I have used biscuit joinery and have a jointer...made dining room table and buffet...now doing kitchen pedestal table 4 foot round...Ash wood, problem is...when I get the pieces glued together there are uneven ridges where each board abuts...and requires excessive sanding with belt sander to approimate evenness...is there a better way...could I use a hand planer of some sort...thanks in advance..


----------



## Greg in Maryland (Jan 6, 2011)

Hi,

A stanley number 7 plane with a Hock iron, and a block of wax. Wax the bottom of the plane and go to town. You'll get a good workout and a flat top.

Greg


----------



## jschaben (Apr 1, 2010)

Gila Jorge said:


> I have used biscuit joinery and have a jointer...made dining room table and buffet...now doing kitchen pedestal table 4 foot round...Ash wood, problem is...when I get the pieces glued together there are uneven ridges where each board abuts...and requires excessive sanding with belt sander to approimate evenness...is there a better way...could I use a hand planer of some sort...thanks in advance..

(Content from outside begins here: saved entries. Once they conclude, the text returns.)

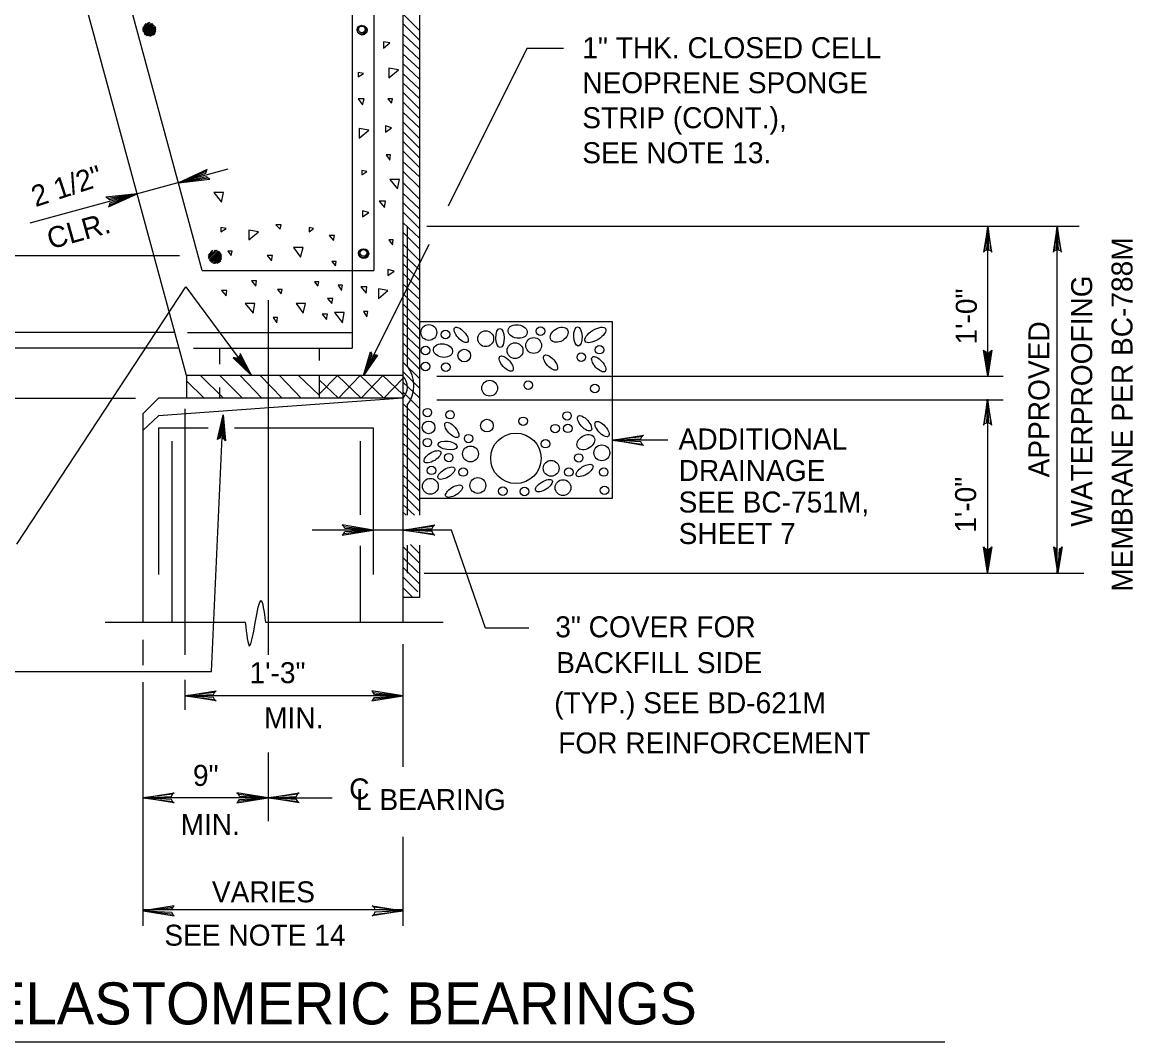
# Model space of a CAD drawing. Extents: x 640009 to 641706, y 298547 to 299735.
# Drawn here: x 640461.6 to 640620.2, y 299450.3 to 299595.9 of the extents above; entities that cross this region are included whole.
import ezdxf

# ---------------------------------------------------------------- set-up
doc = ezdxf.new("R2010")
doc.units = 0
doc.layers.add('1', color=7, linetype='Continuous')

msp = doc.modelspace()

# ---------------------------------------------------------------- linework, layer by layer
at = {"layer": '1'}
for p, q in [((640485.09, 299545.46), (640459.59, 299639.34)), ((640515.97, 299626.84), (640515.97, 299545.46)), ((640508.72, 299619.71), (640508.72, 299549.34)), ((640487.34, 299560.46), (640473.58, 299611.14)), ((640518.35, 299606.07), (640518.35, 299525.49)), ((640511.84, 299600.84), (640511.84, 299567.59)), ((640533.68, 299592.13), (640522.43, 299569.63)), ((640538.91, 299592.13), (640533.68, 299592.13)), ((640491, 299574.9), (640462.71, 299567.22)), ((640511.84, 299568.21), (640511.84, 299560.46)), ((640516.59, 299566.77), (640516.59, 299546.84)), ((640519.39, 299566.77), (640612.51, 299566.77)), ((640599.47, 299545.34), (640599.47, 299566.77)), ((640609.41, 299517.21), (640609.41, 299566.77)), ((640519.68, 299564.14), (640510.34, 299545.46)), ((640433.22, 299562.59), (640484.08, 299562.59)), ((640487.34, 299560.46), (640511.84, 299560.46)), ((640460.86, 299521.37), (640484.97, 299558.09)), ((640484.97, 299558.09), (640494.34, 299545.46)), ((640496.72, 299556.21), (640496.72, 299505.58)), ((640483.34, 299551.59), (640448.64, 299551.59)), ((640485.22, 299551.59), (640508.72, 299551.59)), ((640484.04, 299549.34), (640392.47, 299549.34)), ((640486.09, 299549.34), (640508.72, 299549.34)), ((640489.84, 299547.09), (640489.84, 299549.34)), ((640504.09, 299547.59), (640504.09, 299549.34)), ((640485.09, 299545.46), (640485.09, 299542.21)), ((640485.09, 299545.46), (640485.09, 299542.21)), ((640504.09, 299545.46), (640485.09, 299545.46)), ((640504.09, 299542.21), (640504.09, 299545.46)), ((640504.09, 299542.83), (640506.62, 299545.46)), ((640515.97, 299545.46), (640504.09, 299545.46)), ((640510.01, 299542.21), (640506.62, 299545.46)), ((640506.76, 299542.21), (640509.87, 299545.46)), ((640510.01, 299542.21), (640513.12, 299545.46)), ((640515.97, 299542.74), (640513.12, 299545.46)), ((640513.26, 299542.21), (640515.97, 299545.04)), ((640515.97, 299545.46), (640515.97, 299542.21)), ((640520.84, 299545.34), (640601.67, 299545.34)), ((640489.84, 299542.21), (640489.84, 299543.74)), ((640443.03, 299542.21), (640477.81, 299542.21)), ((640478.84, 299539.96), (640481.09, 299542.21)), ((640515.97, 299542.21), (640481.09, 299539.71)), ((640485.09, 299542.21), (640481.09, 299542.21)), ((640504.09, 299542.21), (640485.09, 299542.21)), ((640515.97, 299542.21), (640504.09, 299542.21)), ((640515.97, 299542.21), (640515.97, 299510.21)), ((640520.83, 299541.96), (640601.67, 299541.96)), ((640599.47, 299517.21), (640599.47, 299541.96)), ((640478.84, 299539.96), (640478.84, 299510.21)), ((640484.84, 299540.71), (640484.84, 299505.55)), ((640516.59, 299541.21), (640516.59, 299525.49)), ((640478.84, 299537.59), (640481.09, 299539.71)), ((640488.63, 299503.19), (640490.33, 299539.82)), ((640481.09, 299537.96), (640481.09, 299517.03)), ((640481.09, 299537.96), (640488.19, 299537.96)), ((640484.84, 299537.71), (640484.84, 299537.71)), ((640491.91, 299537.96), (640511.75, 299537.96)), ((640511.75, 299537.96), (640511.75, 299517.03)), ((640482.97, 299536.08), (640482.97, 299510.21)), ((640509.88, 299536.08), (640509.88, 299525.56)), ((640553.78, 299536.19), (640545.88, 299536.19)), ((640515.97, 299523.38), (640503.04, 299523.38)), ((640522.91, 299523.38), (640515.97, 299523.38)), ((640527.78, 299509.37), (640522.91, 299523.38)), ((640509.88, 299521.14), (640509.88, 299510.21)), ((640516.59, 299521.21), (640516.59, 299517.21)), ((640518.35, 299521.21), (640518.35, 299513.73)), ((640519, 299517.21), (640613.22, 299517.21)), ((640518.35, 299513.73), (640515.97, 299513.73)), ((640473.47, 299510.21), (640493.47, 299510.21)), ((640496.34, 299510.21), (640521.72, 299510.21)), ((640533.96, 299509.37), (640527.78, 299509.37)), ((640478.84, 299507.71), (640478.84, 299504.08)), ((640515.97, 299507.09), (640515.97, 299489.58)), ((640413.32, 299503.19), (640488.63, 299503.19)), ((640484.84, 299501.99), (640484.84, 299497.68)), ((640478.84, 299501.67), (640478.84, 299466.88)), ((640515.97, 299499.7), (640484.84, 299499.7)), ((640496.72, 299491.61), (640496.72, 299481.8)), ((640496.72, 299485.14), (640478.84, 299485.14)), ((640496.72, 299485.14), (640505.89, 299485.14)), ((640515.97, 299479.58), (640515.97, 299466.88)), ((640515.97, 299469.13), (640478.84, 299469.13)), ((640413.23, 299450.3), (640593.33, 299450.3))]:
    msp.add_line(p, q, dxfattribs=at)
for points in [[(640518.35, 299594.72), (640515.97, 299597.1)], [(640478.84, 299594.84), (640479.72, 299595.84)], [(640478.84, 299594.71), (640479.84, 299595.84)], [(640478.84, 299594.84), (640479.84, 299595.84)], [(640478.84, 299594.96), (640479.72, 299595.84)], [(640478.84, 299594.59), (640479.97, 299595.71)], [(640478.84, 299595.09), (640479.47, 299595.71)], [(640478.97, 299594.34), (640480.22, 299595.71)], [(640478.97, 299594.46), (640480.22, 299595.71)], [(640478.97, 299594.46), (640480.09, 299595.71)], [(640478.97, 299595.21), (640479.34, 299595.71)], [(640479.09, 299594.21), (640480.34, 299595.59)], [(640479.09, 299594.21), (640480.34, 299595.59)], [(640479.09, 299594.09), (640480.47, 299595.46)], [(640479.22, 299594.09), (640480.47, 299595.46)], [(640518.35, 299593.35), (640515.97, 299595.72)], [(640479.22, 299594.09), (640480.59, 299595.34)], [(640479.34, 299593.96), (640480.59, 299595.34)], [(640479.47, 299593.96), (640480.59, 299595.21)], [(640479.47, 299593.96), (640480.72, 299595.21)], [(640479.47, 299593.96), (640480.59, 299595.21)], [(640479.59, 299593.96), (640480.72, 299595.09)], [(640479.72, 299593.96), (640480.72, 299594.96)], [(640479.84, 299593.84), (640480.72, 299594.84)], [(640479.97, 299593.96), (640480.72, 299594.71)], [(640480.09, 299593.96), (640480.72, 299594.59)], [(640480.34, 299594.09), (640480.59, 299594.34)], [(640518.35, 299592), (640515.97, 299594.22)], [(640518.35, 299590.59), (640515.97, 299592.81)], [(640518.35, 299589.18), (640515.97, 299591.4)], [(640518.35, 299587.77), (640515.97, 299589.99)], [(640518.35, 299586.36), (640515.97, 299588.58)], [(640518.35, 299585), (640515.97, 299587.22)], [(640518.35, 299583.53), (640515.97, 299585.9)], [(640518.35, 299582.15), (640515.97, 299584.53)], [(640518.35, 299580.8), (640515.97, 299583.03)], [(640518.35, 299579.28), (640515.97, 299581.65)], [(640518.35, 299577.9), (640515.97, 299580.28)], [(640518.35, 299576.53), (640515.97, 299578.9)], [(640518.35, 299575.15), (640515.97, 299577.53)], [(640487.89, 299574.64), (640487.8, 299574.28), (640483.94, 299572.98), (640487.89, 299574.64), (640488.04, 299574.87), (640483.94, 299572.98), (640487.92, 299573.88), (640488.15, 299573.63), (640483.94, 299572.98), (640488.43, 299573.48), (640488.15, 299573.63)], [(640518.35, 299573.8), (640515.97, 299576.03)], [(640518.35, 299572.28), (640515.97, 299574.65)], [(640518.35, 299570.62), (640515.97, 299572.99)], [(640474.1, 299569.76), (640474.18, 299570.11), (640478.05, 299571.38), (640474.1, 299569.76), (640473.94, 299569.53), (640478.05, 299571.38), (640474.07, 299570.52), (640473.84, 299570.77), (640478.05, 299571.38), (640473.56, 299570.93), (640473.84, 299570.77)], [(640518.35, 299569.27), (640515.97, 299571.49)], [(640518.35, 299567.8), (640515.97, 299570.17)], [(640518.35, 299566.42), (640515.97, 299568.8)], [(640518.35, 299565.07), (640515.97, 299567.3)], [(640518.35, 299563.55), (640515.97, 299565.92)], [(640599.92, 299563.23), (640599.65, 299563.37), (640599.47, 299566.77), (640599.92, 299563.23), (640600.07, 299563.05), (640599.47, 299566.77), (640599.3, 299563.37), (640599.05, 299563.24), (640599.47, 299566.77), (640598.87, 299563.05), (640599.05, 299563.24)], [(640609.86, 299563.23), (640609.59, 299563.37), (640609.41, 299566.77), (640609.86, 299563.23), (640610.01, 299563.05), (640609.41, 299566.77), (640609.24, 299563.37), (640608.99, 299563.24), (640609.41, 299566.77), (640608.81, 299563.05), (640608.99, 299563.24)], [(640518.35, 299561.88), (640515.97, 299564.26)], [(640488.22, 299562.09), (640489.47, 299563.34)], [(640488.22, 299562.21), (640489.34, 299563.34)], [(640488.22, 299562.21), (640489.22, 299563.34)], [(640488.22, 299562.34), (640489.22, 299563.34)], [(640488.22, 299562.59), (640488.84, 299563.34)], [(640488.22, 299562.46), (640488.84, 299563.09)], [(640488.34, 299561.84), (640489.72, 299563.21)], [(640488.34, 299561.96), (640489.59, 299563.21)], [(640488.34, 299561.96), (640489.59, 299563.21)], [(640488.47, 299561.71), (640489.84, 299563.09)], [(640488.47, 299561.84), (640489.72, 299563.09)], [(640488.59, 299561.59), (640489.97, 299562.96)], [(640488.59, 299561.71), (640489.84, 299562.96)], [(640488.72, 299561.59), (640489.97, 299562.84)], [(640488.72, 299561.59), (640489.97, 299562.84)], [(640488.72, 299561.59), (640489.97, 299562.71)], [(640488.84, 299561.46), (640490.09, 299562.71)], [(640488.97, 299561.46), (640490.09, 299562.59)], [(640489.09, 299561.46), (640490.09, 299562.46)], [(640489.09, 299561.46), (640490.09, 299562.34)], [(640489.22, 299561.46), (640490.09, 299562.21)], [(640518.35, 299560.53), (640515.97, 299562.76)], [(640489.47, 299561.46), (640490.09, 299562.09)], [(640489.59, 299561.59), (640489.97, 299561.84)], [(640518.35, 299559.06), (640515.97, 299561.43)], [(640518.35, 299557.68), (640515.97, 299560.06)], [(640518.35, 299556.33), (640515.97, 299558.56)], [(640518.35, 299554.81), (640515.97, 299557.18)], [(640518.35, 299553.32), (640515.97, 299555.7)], [(640518.35, 299552), (640515.97, 299554.37)], [(640518.35, 299550.62), (640515.97, 299553)], [(640518.35, 299549.27), (640515.97, 299551.5)], [(640518.35, 299547.75), (640515.97, 299550.12)], [(640491.97, 299547.96), (640492.22, 299547.96), (640494.34, 299545.46), (640491.97, 299547.96), (640491.72, 299547.96), (640494.34, 299545.46), (640492.59, 299548.21), (640492.72, 299548.34), (640494.34, 299545.46), (640492.72, 299548.59), (640492.72, 299548.34)], [(640512.22, 299548.34), (640511.97, 299548.34), (640510.34, 299545.46), (640512.22, 299548.34), (640512.34, 299548.34), (640510.34, 299545.46), (640511.59, 299548.46), (640511.47, 299548.59), (640510.34, 299545.46), (640511.34, 299548.84), (640511.47, 299548.59)], [(640518.35, 299546.37), (640515.97, 299548.75)], [(640599.92, 299548.88), (640599.65, 299548.73), (640599.47, 299545.34), (640599.92, 299548.88), (640600.07, 299549.05), (640599.47, 299545.34), (640599.3, 299548.73), (640599.05, 299548.86), (640599.47, 299545.34), (640598.87, 299549.05), (640599.05, 299548.86)], [(640518.35, 299545), (640515.97, 299547.37)], [(640487.59, 299542.21), (640485.09, 299544.71)], [(640490.34, 299542.21), (640487.09, 299545.46)], [(640493.09, 299542.21), (640489.84, 299545.46)], [(640495.84, 299542.21), (640492.72, 299545.46)], [(640498.72, 299542.21), (640495.59, 299545.46)], [(640501.47, 299542.21), (640498.34, 299545.46)], [(640504.09, 299542.59), (640501.09, 299545.46)], [(640506.76, 299542.21), (640504.09, 299544.76)], [(640513.26, 299542.21), (640509.87, 299545.46)], [(640518.35, 299543.62), (640515.97, 299546)], [(640518.35, 299542.27), (640515.97, 299544.5)], [(640518.35, 299540.75), (640515.97, 299543.12)], [(640599.9, 299538.51), (640599.64, 299538.66), (640599.46, 299542.05), (640599.9, 299538.51), (640600.06, 299538.34), (640599.46, 299542.05), (640599.29, 299538.66), (640599.04, 299538.53), (640599.46, 299542.05), (640598.85, 299538.34), (640599.04, 299538.53)], [(640518.35, 299539.09), (640515.97, 299541.47)], [(640518.35, 299537.74), (640515.97, 299539.97)], [(640489.71, 299536.43), (640489.92, 299536.56), (640490.33, 299539.82), (640489.71, 299536.43), (640489.5, 299536.29), (640490.33, 299539.82), (640490.26, 299536.49), (640490.5, 299536.35), (640490.33, 299539.82), (640490.64, 299536.14), (640490.5, 299536.35)], [(640518.35, 299536.27), (640515.97, 299538.64)], [(640518.35, 299534.89), (640515.97, 299537.27)], [(640550.12, 299535.65), (640549.95, 299535.97), (640545.88, 299536.19), (640550.12, 299535.65), (640550.33, 299535.47), (640545.88, 299536.19), (640549.95, 299536.39), (640550.11, 299536.69), (640545.88, 299536.19), (640550.33, 299536.91), (640550.11, 299536.69)], [(640518.35, 299533.54), (640515.97, 299535.77)], [(640518.35, 299532.02), (640515.97, 299534.39)], [(640518.35, 299530.35), (640515.97, 299532.73)], [(640518.35, 299529), (640515.97, 299531.23)], [(640518.35, 299527.53), (640515.97, 299529.9)], [(640518.35, 299526.07), (640515.97, 299528.45)], [(640516.42, 299525.49), (640515.9, 299525.98)], [(640517.62, 299525.49), (640515.97, 299527.03)], [(640507.51, 299522.85), (640507.68, 299523.16), (640511.75, 299523.38), (640507.51, 299522.85), (640507.3, 299522.66), (640511.75, 299523.38), (640507.68, 299523.58), (640507.53, 299523.89), (640511.75, 299523.38), (640507.3, 299524.11), (640507.53, 299523.89)], [(640520.31, 299522.85), (640520.14, 299523.16), (640516.07, 299523.38), (640520.31, 299522.85), (640520.52, 299522.66), (640516.07, 299523.38), (640520.14, 299523.58), (640520.3, 299523.89), (640516.07, 299523.38), (640520.52, 299524.11), (640520.3, 299523.89)], [(640518.35, 299518.64), (640515.97, 299521.01)], [(640518.41, 299519.97), (640517.08, 299521.3)], [(640599.9, 299520.79), (640599.64, 299520.64), (640599.46, 299517.25), (640599.9, 299520.79), (640600.06, 299520.96), (640599.46, 299517.25), (640599.29, 299520.64), (640599.04, 299520.77), (640599.46, 299517.25), (640598.85, 299520.96), (640599.04, 299520.77)], [(640609.96, 299520.79), (640609.7, 299520.64), (640609.51, 299517.25), (640609.96, 299520.79), (640610.12, 299520.96), (640609.51, 299517.25), (640609.35, 299520.64), (640609.09, 299520.77), (640609.51, 299517.25), (640608.91, 299520.96), (640609.09, 299520.77)], [(640518.2, 299517.25), (640515.97, 299519.48)], [(640518.35, 299515.71), (640515.97, 299518.08)], [(640518.13, 299514.54), (640515.97, 299516.7)], [(640517.39, 299513.73), (640515.97, 299515.15)], [(640489.09, 299499.16), (640488.92, 299499.48), (640484.84, 299499.7), (640489.09, 299499.16), (640489.3, 299498.97), (640484.84, 299499.7), (640488.92, 299499.9), (640489.07, 299500.2), (640484.84, 299499.7), (640489.3, 299500.42), (640489.07, 299500.2)], [(640511.73, 299499.16), (640511.9, 299499.48), (640515.97, 299499.7), (640511.73, 299499.16), (640511.52, 299498.97), (640515.97, 299499.7), (640511.9, 299499.9), (640511.74, 299500.2), (640515.97, 299499.7), (640511.52, 299500.42), (640511.74, 299500.2)], [(640483.09, 299484.61), (640482.92, 299484.92), (640478.84, 299485.14), (640483.09, 299484.61), (640483.3, 299484.42), (640478.84, 299485.14), (640482.92, 299485.34), (640483.07, 299485.65), (640478.84, 299485.14), (640483.3, 299485.87), (640483.07, 299485.65)], [(640492.48, 299484.61), (640492.65, 299484.92), (640496.72, 299485.14), (640492.48, 299484.61), (640492.27, 299484.42), (640496.72, 299485.14), (640492.65, 299485.34), (640492.49, 299485.65), (640496.72, 299485.14), (640492.27, 299485.87), (640492.49, 299485.65)], [(640500.96, 299484.61), (640500.79, 299484.92), (640496.72, 299485.14), (640500.96, 299484.61), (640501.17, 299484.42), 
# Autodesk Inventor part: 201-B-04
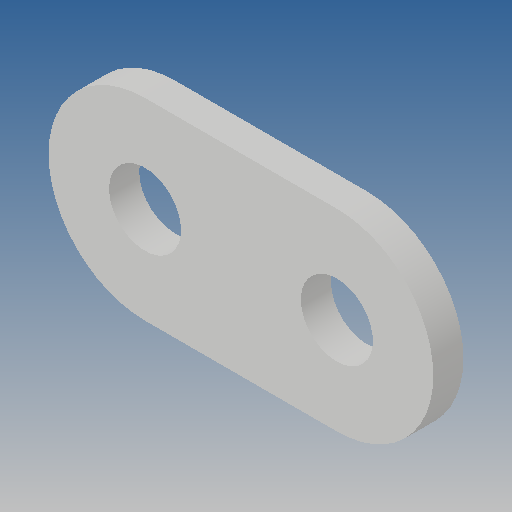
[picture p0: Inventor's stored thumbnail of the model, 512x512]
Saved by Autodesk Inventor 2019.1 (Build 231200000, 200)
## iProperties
Created: 2012-01
Part Number: 201-B-04
Material: Ogólny
Document SubType Name: Modeling
Designer: CADENGINEERING4
Density: 1 g/cm^3
Appearance: Domyślna
Author: CADENGINEERING4
Revision Number: ÈÎºÎ
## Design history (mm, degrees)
feature "À­Éì1"
node "Bryła1"
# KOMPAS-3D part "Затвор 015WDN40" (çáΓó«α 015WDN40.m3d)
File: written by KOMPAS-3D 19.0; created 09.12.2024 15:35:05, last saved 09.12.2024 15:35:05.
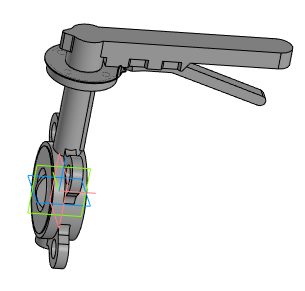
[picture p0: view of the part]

Document properties: Автор: Евгений; Полное имя файла: ..\Затвор 015WDN40.a3d

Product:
- Part/product: Затвор 015WDN40
    Масса: 3.29597

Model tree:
1. Операция без истории:1
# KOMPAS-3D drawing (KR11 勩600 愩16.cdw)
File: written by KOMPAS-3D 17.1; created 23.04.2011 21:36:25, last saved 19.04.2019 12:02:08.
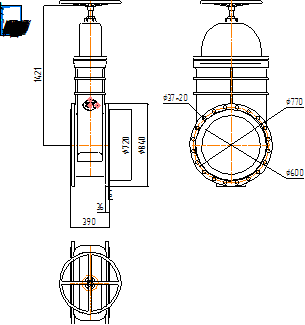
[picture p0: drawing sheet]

Sheet 1: A4, portrait

Title block, sheet 1: name: KR11 Ду600 Ру16; material: Внимание! Данный продукт является объектом авторского права ООО «Торговый Дом АДЛ». / Запрещается изменение, копирование, распространение / (в том числе путем копирования на другие сайты и ресурсы в Интернете) / или любое иное использование информации и объектов без предварительного / согласия правообладателя (ООО «Торговый Дом АДЛ»).; scale: 1:1; sheets: 1; organisation: ООО "Торговый дом АДЛ"; sheet format: A4; stored path: \\adlc.lan\data\АДЛ_ПКД\3D-модели\ADL production\Клиновые задвижки серии KR ГРАНАР\Клиновые задвижки KR11\KOMPAS 2D\KR11 Ду600 Ру16.cdw

Views: Спереди 4, Проекционный вид 5
Dimensions and other numbers on the sheet: 840; 720; 1421; 390; 36; 5; 1:1; 1

Or, you can set up a planner sled for your router. Get a flat surface, sans workout:smile:


----------



## Dominick (May 2, 2011)

How bad is it? Lest see pics.


----------



## joesbucketorust (Dec 13, 2011)

*I dunno...*

I would agree with the hand plane suggestion, but glue can be hard on an iron. If it's just one side and the other is already flat, go for it but I'd take the rough stuff off with a cheaper cutter sharpened with a good curve - almost like a scrub, then finish up with a good smoother. The router on rails method is very easy if the sides are straight, but if you've already cut it into a circle then it's not so easy. And if both sides need work then you could be ending up with a tabletop that is too thin. 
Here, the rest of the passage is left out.